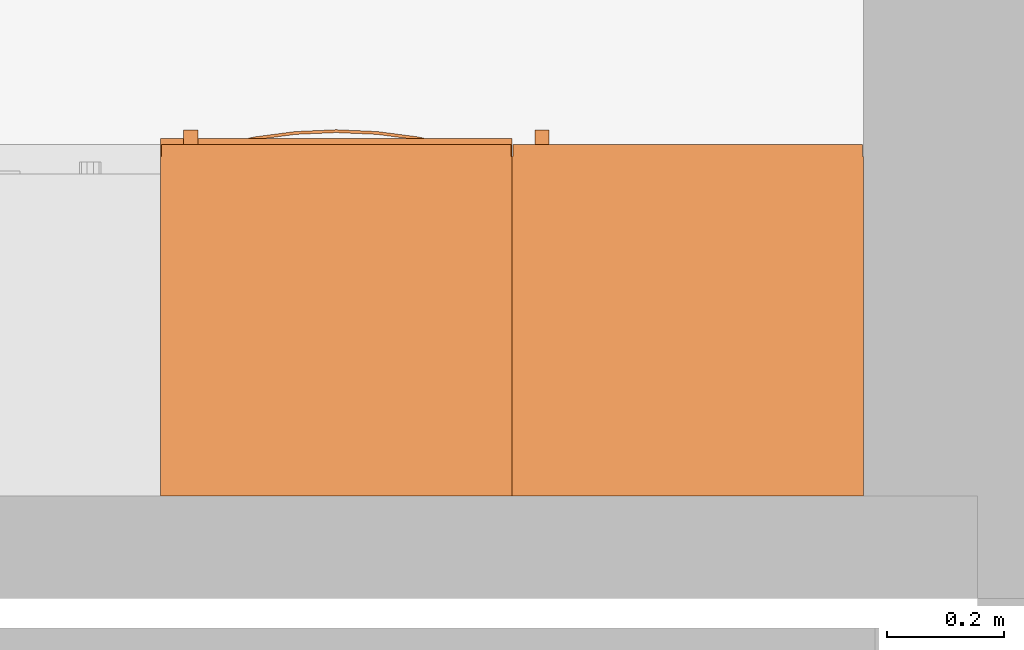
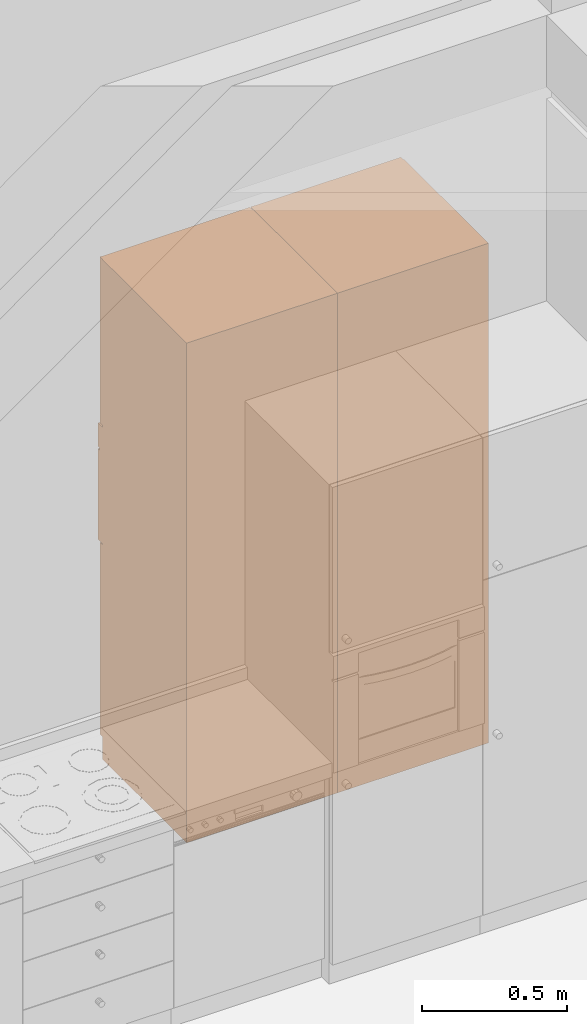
# One storey, part 26 of 28: 2 proxies.
"""IFC4 building model written with IfcOpenShell, lengths in metres."""

from ifc_helpers import new_model, entity, si_unit, converted_unit, derived_unit, direction, frame, origin_with_axes, place, context, subcontext, project, spatial, triangles, type_object, element, save


model = new_model("IFC4")

# Units and contexts
model_context = context("Model", 3, precision=1e-05, world=origin_with_axes(), true_north=direction((-0.526213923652, 0.850352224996)))
body_context = subcontext(model_context, "Body", "Model", "MODEL_VIEW")
ifc_project = project(units=[si_unit("LENGTHUNIT", "METRE"), si_unit("AREAUNIT", "SQUARE_METRE"), si_unit("VOLUMEUNIT", "CUBIC_METRE"), converted_unit("PLANEANGLEUNIT", "DEGREE", entity("IfcPlaneAngleMeasure", 0.0174532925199), si_unit("PLANEANGLEUNIT", "RADIAN"), dimensions=[0, 0, 0, 0, 0, 0, 0]), si_unit("SOLIDANGLEUNIT", "STERADIAN"), converted_unit("TIMEUNIT", "Year", entity("IfcTimeMeasure", 31556926.0), si_unit("TIMEUNIT", "SECOND"), dimensions=[0, 0, 1, 0, 0, 0, 0]), si_unit("MASSUNIT", "GRAM", prefix="KILO"), si_unit("THERMODYNAMICTEMPERATUREUNIT", "DEGREE_CELSIUS"), si_unit("LUMINOUSINTENSITYUNIT", "LUMEN"), si_unit("ENERGYUNIT", "JOULE", prefix="MEGA"), derived_unit("THERMALCONDUCTANCEUNIT", [(si_unit("POWERUNIT", "WATT"), 1), (si_unit("LENGTHUNIT", "METRE"), -1), (si_unit("THERMODYNAMICTEMPERATUREUNIT", "KELVIN"), -1)]), derived_unit("SPECIFICHEATCAPACITYUNIT", [(si_unit("ENERGYUNIT", "JOULE"), 1), (si_unit("MASSUNIT", "GRAM", prefix="KILO"), -1), (si_unit("THERMODYNAMICTEMPERATUREUNIT", "KELVIN"), -1)]), derived_unit("MASSDENSITYUNIT", [(si_unit("MASSUNIT", "GRAM", prefix="KILO"), 1), (si_unit("VOLUMEUNIT", "CUBIC_METRE"), -1)])], contexts=[model_context])

# Site, building, storey, space
site_placement = place(None, origin_with_axes())
site = spatial("IfcSite", under=ifc_project, at=site_placement, Name="Gelände", CompositionType="ELEMENT")
building_placement = place(site_placement, origin_with_axes())
building = spatial("IfcBuilding", under=site, at=building_placement, Name="Haus vom Nikolaus", CompositionType="ELEMENT")
storey_placement = place(building_placement, origin_with_axes())
storey = spatial("IfcBuildingStorey", under=building, at=storey_placement, Name="EG", CompositionType="ELEMENT", Elevation=0.0)
space_placement = place(storey_placement, frame((-3.09538684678, 5.36483190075, 0.0), z_axis=(0.0, 0.0, 1.0), x_axis=(1.0, 0.0, 0.0)))
space = spatial("IfcSpace", under=storey, at=space_placement, Name="EG", CompositionType="ELEMENT")

# Proxies
building_element_proxy_type_1 = type_object("IfcBuildingElementProxyType", Name="Hochschrank Einzeltür 22", PredefinedType="NOTDEFINED")
proxy_1_placement = place(space_placement, frame((14.1603844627, 2.87500017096, 0.2), z_axis=(0.0, 0.0, 1.0), x_axis=(-1.0, 0.0, 0.0)))
element("IfcBuildingElementProxy", 1, at=proxy_1_placement, inside=space, type_object=building_element_proxy_type_1, Name="Küche-009", PredefinedType="NOTDEFINED", context=body_context, shape_type="Tessellation", body=[
    triangles([(0.58, 0.02, 1.51), (0.02, 0.02, 1.49), (0.58, 0.02, 1.49), (0.02, 0.02, 1.51), (0.58, 0.58, 1.49), (0.02, 0.58, 1.49), (0.58, 0.58, 1.51), (0.02, 0.58, 1.51)], [[1, 2, 3], [1, 4, 2], [5, 2, 6], [5, 3, 2], [7, 3, 5], [7, 1, 3], [7, 4, 1], [7, 8, 4], [4, 6, 2], [4, 8, 6], [8, 5, 6], [8, 7, 5]], closed=True),
    triangles([(0.6, 0.02, 0.09), (0.0, 0.02, 0.0), (0.6, 0.02, 0.0), (0.0, 0.02, 0.09), (0.6, 0.6, 0.0), (0.0, 0.6, 0.0), (0.6, 0.6, 0.09), (0.0, 0.6, 0.09)], [[1, 2, 3], [1, 4, 2], [5, 2, 6], [5, 3, 2], [7, 3, 5], [7, 1, 3], [7, 4, 1], [7, 8, 4], [4, 6, 2], [4, 8, 6], [8, 5, 6], [8, 7, 5]], closed=True),
    triangles([(0.02, 0.02, 2.1), (0.0, 0.02, 2.08), (0.02, 0.02, 2.08), (0.0, 0.02, 2.1), (0.02, 0.6, 2.08), (0.58, 0.02, 2.08), (0.58, 0.6, 2.08), (0.0, 0.6, 2.08), (0.6, 0.02, 2.08), (0.6, 0.6, 2.08), (0.58, 0.02, 2.1), (0.0, 0.6, 2.1), (0.02, 0.6, 2.1), (0.58, 0.6, 2.1), (0.6, 0.6, 2.1), (0.6, 0.02, 2.1)], [[1, 2, 3], [1, 4, 2], [3, 2, 5], [6, 5, 7], [5, 2, 8], [9, 7, 10], [6, 7, 9], [3, 5, 6], [11, 3, 6], [11, 1, 3], [12, 4, 13], [14, 11, 15], [11, 14, 1], [15, 11, 16], [1, 13, 4], [13, 1, 14], [4, 8, 2], [4, 12, 8], [12, 5, 8], [12, 13, 5], [13, 7, 5], [13, 14, 7], [14, 10, 7], [14, 15, 10], [15, 9, 10], [15, 16, 9], [16, 6, 9], [16, 11, 6]], closed=True),
    triangles([(0.02, 0.02, 0.11), (0.0, 0.02, 0.09), (0.02, 0.02, 0.09), (0.0, 0.02, 0.11), (0.02, 0.6, 0.09), (0.58, 0.02, 0.09), (0.58, 0.6, 0.09), (0.0, 0.6, 0.09), (0.6, 0.02, 0.09), (0.6, 0.6, 0.09), (0.58, 0.02, 0.11), (0.0, 0.6, 0.11), (0.02, 0.6, 0.11), (0.58, 0.6, 0.11), (0.6, 0.6, 0.11), (0.6, 0.02, 0.11)], [[1, 2, 3], [1, 4, 2], [3, 2, 5], [6, 5, 7], [5, 2, 8], [9, 7, 10], [6, 7, 9], [3, 5, 6], [11, 3, 6], [11, 1, 3], [12, 4, 13], [14, 11, 15], [11, 14, 1], [15, 11, 16], [1, 13, 4], [13, 1, 14], [4, 8, 2], [4, 12, 8], [12, 5, 8], [12, 13, 5], [13, 7, 5], [13, 14, 7], [14, 10, 7], [14, 15, 10], [15, 9, 10], [15, 16, 9], [16, 6, 9], [16, 11, 6]], closed=True),
    triangles([(0.02, 0.02, 2.08), (0.0, 0.02, 0.11), (0.02, 0.02, 0.11), (0.0, 0.02, 2.08), (0.02, 0.58, 0.11), (0.58, 0.58, 0.11), (0.6, 0.02, 0.11), (0.58, 0.02, 0.11), (0.0, 0.6, 0.11), (0.6, 0.6, 0.11), (0.02, 0.58, 2.08), (0.0, 0.6, 2.08), (0.6, 0.6, 2.08), (0.58, 0.58, 2.08), (0.6, 0.02, 2.08), (0.58, 0.02, 2.08)], [[1, 2, 3], [1, 4, 2], [3, 2, 5], [6, 7, 8], [6, 9, 10], [7, 6, 10], [5, 2, 9], [6, 5, 9], [11, 3, 5], [11, 1, 3], [12, 4, 11], [13, 12, 11], [11, 4, 1], [13, 11, 14], [15, 13, 14], [15, 14, 16], [4, 9, 2], [4, 12, 9], [12, 10, 9], [12, 13, 10], [13, 7, 10], [13, 15, 7], [15, 8, 7], [15, 16, 8], [16, 6, 8], [16, 14, 6], [14, 5, 6], [14, 11, 5]], closed=True),
    triangles([(0.58, 0.58, 0.566666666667), (0.58, 0.02, 0.546666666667), (0.58, 0.58, 0.546666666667), (0.58, 0.02, 0.566666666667), (0.02, 0.58, 0.546666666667), (0.02, 0.02, 0.546666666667), (0.02, 0.58, 0.566666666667), (0.02, 0.02, 0.566666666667)], [[1, 2, 3], [1, 4, 2], [5, 2, 6], [5, 3, 2], [7, 3, 5], [7, 1, 3], [7, 4, 1], [7, 8, 4], [4, 6, 2], [4, 8, 6], [8, 5, 6], [8, 7, 5]], closed=True),
    triangles([(0.58, 0.58, 1.04333333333), (0.58, 0.02, 1.02333333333), (0.58, 0.58, 1.02333333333), (0.58, 0.02, 1.04333333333), (0.02, 0.58, 1.02333333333), (0.02, 0.02, 1.02333333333), (0.02, 0.58, 1.04333333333), (0.02, 0.02, 1.04333333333)], [[1, 2, 3], [1, 4, 2], [5, 2, 6], [5, 3, 2], [7, 3, 5], [7, 1, 3], [7, 4, 1], [7, 8, 4], [4, 6, 2], [4, 8, 6], [8, 5, 6], [8, 7, 5]], closed=True),
    triangles([(0.5985, 0.0, 0.0915), (0.0015, 0.02, 0.0915), (0.5985, 0.02, 0.0915), (0.0015, 0.0, 0.0915), (0.5985, 0.02, 1.4985), (0.0015, 0.02, 1.4985), (0.5985, 0.0, 1.4985), (0.0015, 0.0, 1.4985)], [[1, 2, 3], [1, 4, 2], [5, 2, 6], [5, 3, 2], [7, 3, 5], [7, 1, 3], [7, 4, 1], [7, 8, 4], [4, 6, 2], [4, 8, 6], [8, 5, 6], [8, 7, 5]], closed=True),
    triangles([(0.538107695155, 0.0, 0.8355), (0.5365, 0.0, 0.8415), (0.540014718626, 0.0, 0.833014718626), (0.551605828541, 0.0, 0.829908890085), (0.556985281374, 0.0, 0.833014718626), (0.5545, 0.0, 0.831107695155), (0.560091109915, 0.0, 0.838394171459), (0.558892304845, 0.0, 0.8355), (0.5485, 0.0, 0.8295), (0.545394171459, 0.0, 0.829908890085), (0.5425, 0.0, 0.831107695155), (0.540014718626, 0.0, 0.849985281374), (0.536908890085, 0.0, 0.844605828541), (0.538107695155, 0.0, 0.8475), (0.536908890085, 0.0, 0.838394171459), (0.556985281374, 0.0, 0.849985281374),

**ASSIGNMENT:**
Report the total of lines above containing the string "NOTDEFINED", and write nothing besides it.

**ANSWER BOX:**
2